We can estimate how well the model is performing by comparing the predicted value with the actual value of the metric at each point in time. We will use two metrics: **Mean Absolute Error** (MAE), which estimates the error based on the absolute difference. However, absolute error may not always be suitable as it does not provide a relative perspective based on the actual values. Alternatively, we have **Mean Absolute Percentage Error** (MAPE), which normalizes the error relative to the actual values, offering a better sense of the degree or proportion of deviations.

In [None]:
performance_naive_MAE = mean_absolute_error(df['y'][2016:], df['y_pred_naive'][2016:])
print(f'The MAE for the model is {performance_naive_MAE}')

performance_naive_MAPE = mean_absolute_percentage_error(df['y'][2016:], df['y_pred_naive'][2016:])
print(f'The MAPE for the model is {performance_naive_MAPE}')

In [None]:
sns.lineplot(x=df.index[7000:], y='y', data=df[7000:], color='black')
sns.lineplot(x=df.index[8000:8300], y='y_pred_naive', data=df[8000:8300], color='red')

# Holt Winters

**Approach 2:** The **Holt-Winters** technique, also known as **triple exponential smoothing**, is a forecasting method used for time series data that includes three main components:

1. **Level (L)**: The estimate of the average or baseline value of the time series.
2. **Trend (T)**: The rate of change or direction in which the time series is moving (upward or downward).
3. **Seasonality (S)**: The repeating fluctuations occurring at regular intervals, such as daily, monthly, or yearly patterns.

This model adjusts these three components over time, allowing for more accurate forecasts, especially in time series with seasonality and trends.

The Holt-Winters model has two main versions:
- **Additive**: Used when the magnitude of seasonality is constant over time.
- **Multiplicative**: Used when the magnitude of seasonality changes in proportion to the trend.

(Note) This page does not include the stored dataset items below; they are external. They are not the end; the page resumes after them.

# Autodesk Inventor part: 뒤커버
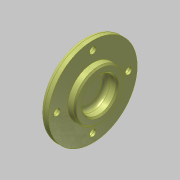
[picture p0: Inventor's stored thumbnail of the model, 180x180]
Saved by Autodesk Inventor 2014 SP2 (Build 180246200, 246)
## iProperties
Created: 2015-12
Part Number: 뒤커버
Document SubType Name: Modeling
Designer: mdu
Density: 2.71 g/cm^3
Material: 알루미늄 6061
Mass: 56.1988 g
Surface Area: 84.0425 cm^2
Volume: 20.7376 cm^3
Appearance: 알루미늄 - 평지
Author: mdu
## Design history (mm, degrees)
sketch "스케치1"
  geometry: L1 (-7, 0)-(7, 0); L2 (-7, 0)-(-7, 15.539); L3 (-7, 15.539)-(-4, 18.5); L4 (-4, 18.5)-(-4, 31); L5 (-4, 31)-(2, 31); L6 (2, 31)-(2, 17.5); L7 (2, 17.5)-(7, 17.5); L8 (7, 17.5)-(7, 0); 2 further points
  constraints: 16 end point, 4 parallel, 2 perpendicular, 1 coincident, 1 horizontal, 1 midpoint
  dimensions: "d0" = 14 distance of L1.start L1.end; "d1" = 62 diameter of L5 L1; "d2" = 35 diameter of L7 L1; "d3" = 37 diameter of L3.end L1; "d4" = 3 distance between parallel lines of L4 L2; "d5" = 6 distance of L4.end L5.end
revolve "회전1" sketch "스케치1" stored, may be unused: angle "d6" = 90 deg
sketch "스케치2" dims "d32" = 50
  geometry: 3 further points
  constraints: 2 vertical alignment, 1 coincident, 2 other
hole "구멍1" sketch "스케치2" at (0, 25) diameter "d8" = 4.5; stored, may be unused: countersink angle "d12" = 90 deg, drill point angle "d14" = 118 deg; dims "d9" = 6, "d10" = 8, "d11" = 4.4, "d13" = 8
hole "구멍2" diameter "d20" = 24; stored, may be unused: countersink angle "d24" = 90 deg, drill point angle "d26" = 0 deg; dims "d18" = 10, "d19" = 10, "d21" = 6, "d22" = 8, "d23" = 4.4, "d25" = 8
fillet "모깎기1" dims "d27" = 3
fillet "모깎기2" dims "d28" = 3
chamfer "모따기1" distance "d29" = 1; stored, may be unused: second distance "d30" = 2, angle "d31" = 45 deg
node "솔리드1"
pattern_circular "원형 패턴1" dims angle "d16" = 360 deg
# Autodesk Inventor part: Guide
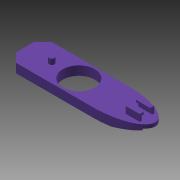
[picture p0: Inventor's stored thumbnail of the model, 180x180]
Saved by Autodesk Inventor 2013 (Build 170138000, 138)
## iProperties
Created: 2008-06
Part Number: Guide
Document SubType Name: Modeling
Designer: tangg
Density: 0.94 g/cm^3
Mass: 82.2056 g
Surface Area: 237.47 cm^2
Volume: 82.2056 cm^3
Stock Number: Guide
Material: UHMW, Black
Author: tangg
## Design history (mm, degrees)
sketch "Sketch1"
  geometry: L1 (107.721, 0)-(-76.2, 0); L2 (-76.2, 0)-(-76.2, -12.7); L3 (-76.2, -12.7)-(69.621, -12.7); L4 (107.721, -6.35)-(107.721, 0); L5 (107.721, -6.35)-(69.621, -12.7); 1 further point
  constraints: 10 end point, 1 point on line, 1 vertical
  dimensions: "d19" = 183.92109 distance of L1.start L1.end; "d20" = 76.2 distance from line of point (0, 0) L2; "d21" = 12.7 distance of L1.end L2.end; "d22" = 38.1 horizontal distance of L4.start L3.end
extrude "Extrusion2" new body sketch "Sketch1" distance "d2" = 25.4; taper "d3" = 0 deg
sketch "Sketch2"
  geometry: C1 r 22.5 at (76.2, 0); 1 further point
  constraints: 1 centre point, 1 coincident
  dimensions: "d25" = 45 diameter of C1
extrude "Extrusion3" cut sketch "Sketch2" stored distance "d4" = 12.7; taper "d5" = 0 deg
mirror "Mirror1"
sketch "Sketch4"
  geometry: L1 (-36.784, 25.4)-(220.705, 25.4) reference; C1 r 3.81 at (38.1, 25.4); 1 further point
  constraints: 1 centre point, 1 point on line
  dimensions: "d13" = 7.62 diameter of C1; "d39" = 38.1 distance of C1.centre point (76.2, 25.4)
extrude "Extrusion5" join sketch "Sketch4" distance "d8" = 7.62; taper "d9" = 0 deg
workplane "Work Plane1"
sketch "Sketch10"
  geometry: L1 (-69.621, 36.625)-(38.1, 36.625); L2 (-69.621, 14.175)-(38.1, 14.175); L3 (-69.621, 36.625)-(-69.621, 14.175); L4 (38.1, 0)-(38.1, 50.8) reference; L5 (38.1, 36.625)-(38.1, 14.175); A1 r 11.225 centre (-69.621, 25.4) between (-69.621, 36.625) and (-69.621, 14.175); 1 further point
  constraints: 8 end point, 4 point on circle, 3 point on line, 1 centre point, 1 horizontal
extrude "Extrusion11" cut sketch "Sketch10" stored distance "d32" = 15.24; taper "d33" = 0 deg
workplane "Work Plane4"
sketch "Sketch5"
  geometry: L1 (-1.587, -10.238)-(9.525, -10.238); L2 (9.525, -10.238)-(9.525, 10.238); L3 (9.525, 10.238)-(-1.588, 10.238); L4 (-1.588, 10.238)-(-1.587, -10.238); L5 (9.525, -7.62)-(0, -7.62); L6 (0, -7.62)-(0, 7.62); L7 (0, 7.62)-(9.525, 7.62); L8 (9.525, 7.62)-(9.525, -7.62); L9 (0, 25.4)-(0, -25.4) reference; L10 (9.525, -7.62)-(6.5, -7.62); L11 (6.5, -7.62)-(6.5, -4.62); L12 (6.5, -4.62)-(9.525, -4.62); L13 (9.525, -4.62)-(9.525, -7.62); L14 (9.525, 7.62)-(6.5, 7.62); L15 (6.5, 7.62)-(6.5, 4.62); L16 (6.5, 4.62)-(9.525, 4.62); L17 (9.525, 4.62)-(9.525, 7.62); 3 further points
  constraints: 32 end point, 3 midpoint, 1 collinear, 1 horizontal alignment, 1 point on line
  dimensions: "d14" = 15.24 distance between parallel lines of L7 L5; "d50" = 6.5 distance between parallel lines of L6 L11; "d51" = 3 distance between parallel lines of L10 L12; "d52" = 3 distance between parallel lines of L7 L16
extrude "Extrusion6" join sketch "Sketch5" distance "d11" = 20; taper "d12" = 0 deg
fillet "Fillet1" dims "d47" = 0.635
chamfer "Chamfer1" distance "d40" = 12.7; stored, may be unused: second distance "d41" = 3.175, angle "d42" = 45 deg
sketch "Sketch11"
  geometry: L1 (-5.08, 11.225)-(-12.7, 11.225) reference; L2 (-12.7, -11.225)-(-5.08, -11.225) reference; L3 (-12.7, 11.225)-(-6.35, 11.225) reference; L4 (-6.35, 11.225)-(-5.08, 11.225) reference; L5 (-5.08, 11.225)-(-5.08, -11.225) reference; L6 (-6.35, -11.225)-(-12.7, -11.225) reference; C1 r 2.54 at (-15.875, 0); A1 r 11.377 centre (-10.848, 0) between (-12.7, 11.225) and (-12.7, -11.225); 3 further points; 2 other entities
  constraints: 2 centre point, 2 point on circle, 2 other
  dimensions: "d48" = 3.175 distance of point (-12.7, 0) C1.centre; "d49" = 5.08 diameter of C1
extrude "Extrusion12" join sketch "Sketch11" stored distance "d37" = 12.7; taper "d38" = 0 deg
sketch "Sketch12"
  geometry: L1 (-171.221, 50.8)-(0, 50.8) reference; L2 (0, 0)-(0, 50.8) reference; L3 (-171.221, 0)-(0, 0) reference; L4 (0, 25.4)-(-107.721, 25.4); 3 further points; 1 other entity
  constraints: 3 point on line, 2 end point, 1 midpoint, 5 other
extrude "Extrusion13" cut sketch "Sketch12" stored distance "d43" = 25.4; taper "d44" = 0 deg
body "Solid1"
other parameters: "d10" = 76.2, "d34" = 63.5

The general Holt-Winters formula involves three equations that update the level, trend, and seasonality at each time step, adjusting the forecasts according to these components.

In [None]:
def holtwin(y_to_train, seasonal_period, predict_date):

    holt = ExponentialSmoothing(y_to_train, seasonal_periods=seasonal_period, trend='add', seasonal='add',use_boxcox=True).fit()
    y_forecast = holt.forecast(predict_date).rename('Additive')
    return y_forecast


We used the observations up to position 8000 to train the model and requested a prediction for the next 300 observations (just over one day). We also informed the model of the identified seasonality, which in this case is seven days (2016 observations).

**Warning: Next task will last around 5 minutes**

In [None]:
y_holtwin_pred = holtwin(df['y'][:8000],2016,300)

In [None]:
performance_holtwint_MAE = mean_absolute_error(df['y'][8000:8300], y_holtwin_pred)
print(f'The MAE for the model is {performance_holtwint_MAE}')
performance_holtwint_MAPE = mean_absolute_percentage_error(df['y'][8000:8300], y_holtwin_pred)
print(f'The MAPE for the model is {performance_holtwint_MAPE}')

In [None]:
sns.lineplot(x=df.index[7000:], y='y', data=df[7000:], color='black')
sns.lineplot(x=df.index[8000:8300], y=y_holtwin_pred, color='red')

We can still observe a quite noisy prediction, likely due to the fact that the anomalies are causing the model to produce this variability in the forecast as well.